"""
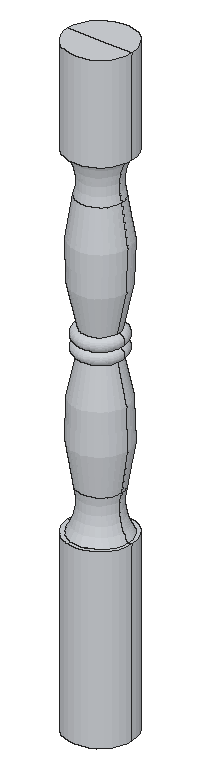
Revit family
Parameters (values of type "Balustrade J38")
  Width = 0' - 4"
  URL = "www.strombergarchitectural.com"
  Top Material = none
  Submittal Sheet = "www.strombergarchitectural.com/images/materials/gfrc/submittal/gfrc-submittal-sheet.pdf"
  Specifications = "www.strombergarchitectural.com/gfrcspecifications"
  Model Cut-sheet = "http://www.strombergarchitectural.com/products/balustrade/design/J38"
  Model = "Balustrade J38"
  Manufacturer = "Stromberg Architectural Products"
  Guidebook = "www.strombergarchitectural.com/images/materials/gfrc/handbooks/gfrc_guidebook.pdf   \r\n(http://www.strombergarchitectural.com/images/materials/gfrc/handbooks/gfrc_guidebook.pdf"
  Description = "GFRC Baluster"
  Assembly Code = ""
  Height = 3' - 2 1/2"
  XXX.5 = no
  XXX.4 = no
  XXX.3 = no
  XXX.2 = no
  XXX.1 = yes
Reference planes (in)
  plane 1 "Center (Front/Back)": y = 3.74847
  plane 2: z = 0
  plane 3 "Center (Left/Right)": x = 0.7278
  plane 4 "Front": y = -3.25153
  plane 5 "Back": y = 10.74847
Forms (in)
  Revolve 1, solid
    sketch origin (0, 3.74847, 0) x (1, 0, 0) y (0, 0, 1)
      loop
        line (0.7278, 38.5) -> (-1.2722, 38.5) -> (-1.2722, 32.5) -> (-1.0222, 32.5)
        arc (-1.0222, 32.5) -> (-0.51705, 31.23319) -> (-0.59019, 29.87134) r 3.17379
        arc (-0.59019, 29.87134) -> (-1.02222, 26.17183) -> (-0.3972, 22.5) r 13.1197
        arc (-0.3972, 22.5) -> (-0.7722, 22.125) -> (-0.3972, 21.75) r 0.375
        arc (-0.3972, 21.75) -> (-0.7722, 21.375) -> (-0.3972, 21) r 0.375
        arc (-0.3972, 21) -> (-1.02222, 17.32817) -> (-0.59019, 13.62866) r 13.1197
        arc (-0.59019, 13.62866) -> (-0.51705, 12.26681) -> (-1.0222, 11) r 3.17379
        line (-1.0222, 11) -> (-1.2722, 11) -> (-1.2722, 0) -> (0.7278, 0) -> (0.7278, 38.5)
      axis (0.7278, 38.5) -> (0.7278, 0)
    angle from 0 to 360
Dimensions and locks (in)
  aligned and locked: level to plane 2
"""
_Assigned task_
An exact copy of the entries from the line containing "arc (-0.59019, 13.62866)" through the last line is the expected answer.

_Solution to this exercise_
        arc (-0.59019, 13.62866) -> (-0.51705, 12.26681) -> (-1.0222, 11) r 3.17379
        line (-1.0222, 11) -> (-1.2722, 11) -> (-1.2722, 0) -> (0.7278, 0) -> (0.7278, 38.5)
      axis (0.7278, 38.5) -> (0.7278, 0)
    angle from 0 to 360
Dimensions and locks (in)
  aligned and locked: level to plane 2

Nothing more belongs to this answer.